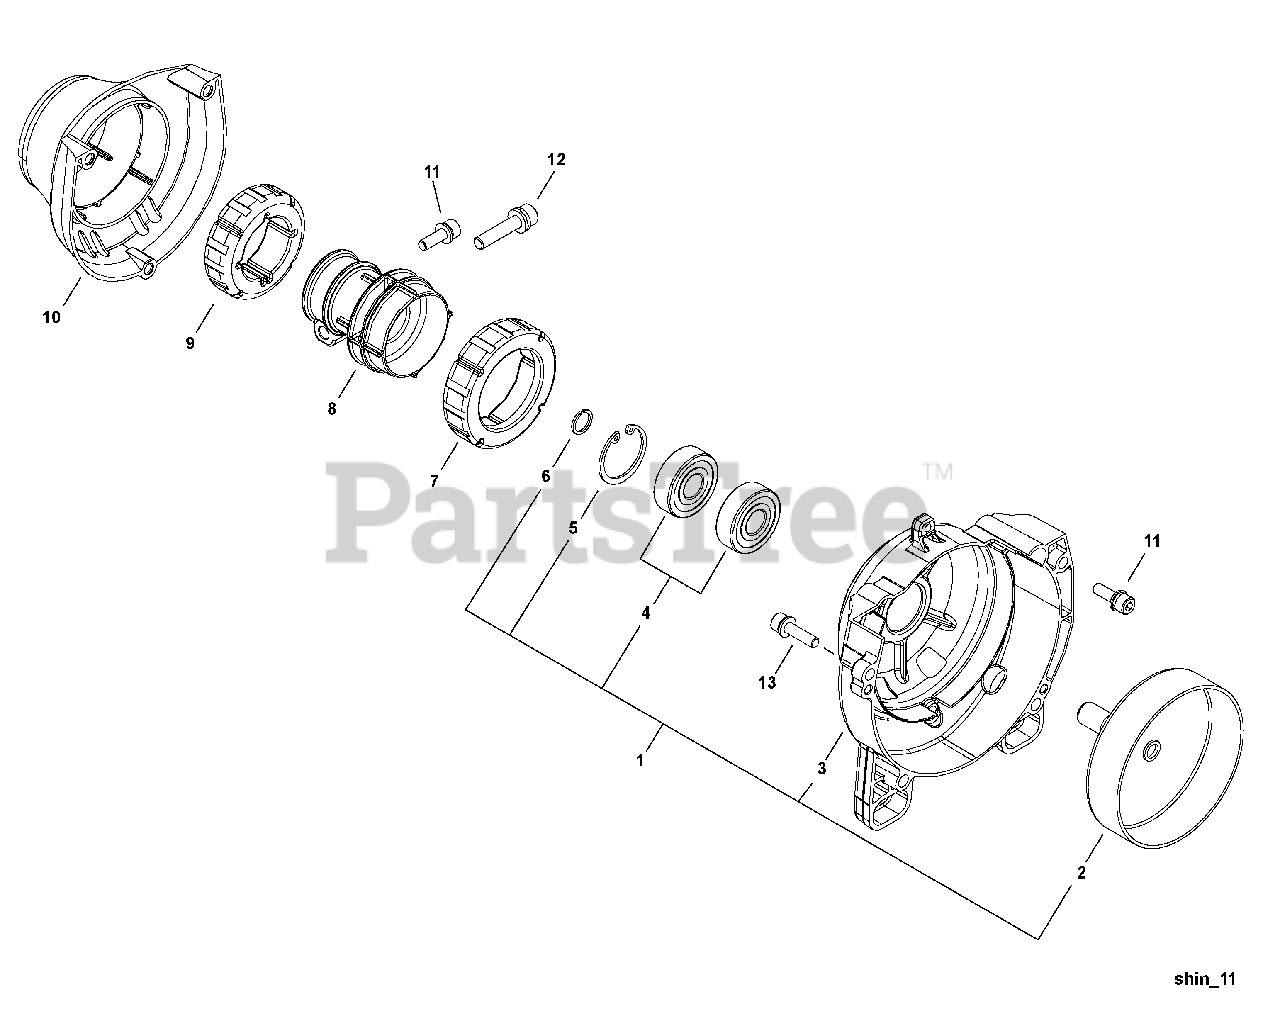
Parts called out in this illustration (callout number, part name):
1	COVER ASSY, FAN
2	DRUM, CLUTCH
3	COVER, FAN
4	BEARING, BALL 6001 DDU C3
5	RING, SNAP Ø28
6	RING, SNAP Ø12
7	HOLDER, REAR CUSHION
8	CUSHION
9	HOLDER, FRONT CUSHION
10	COVER, AV CUSHION
11	BOLT M5×16
12	BOLT M6×28
13	BOLT M5×20
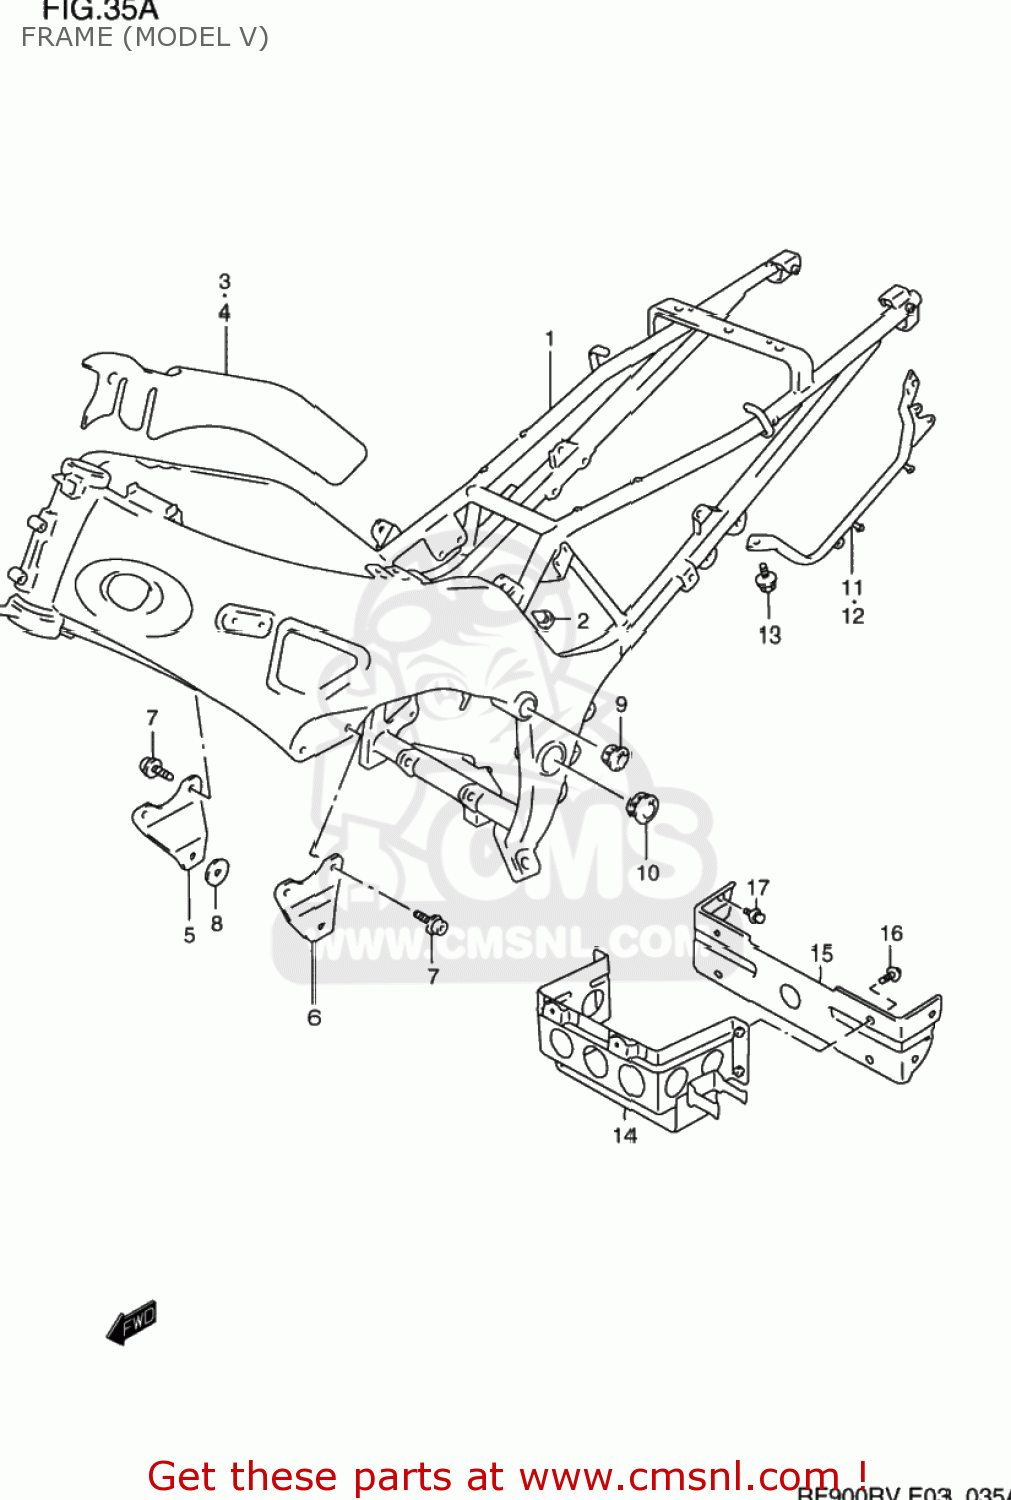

━━━━━━━━

What the task requires: Instructions for the listing above: set down every entry exactly and drop any image.

Solution to this task:
Parts called out in this illustration (callout number, part name):
1	COVER ASSY, FAN
2	DRUM, CLUTCH
3	COVER, FAN
4	BEARING, BALL 6001 DDU C3
5	RING, SNAP Ø28
6	RING, SNAP Ø12
7	HOLDER, REAR CUSHION
8	CUSHION
9	HOLDER, FRONT CUSHION
10	COVER, AV CUSHION
11	BOLT M5×16
12	BOLT M6×28
13	BOLT M5×20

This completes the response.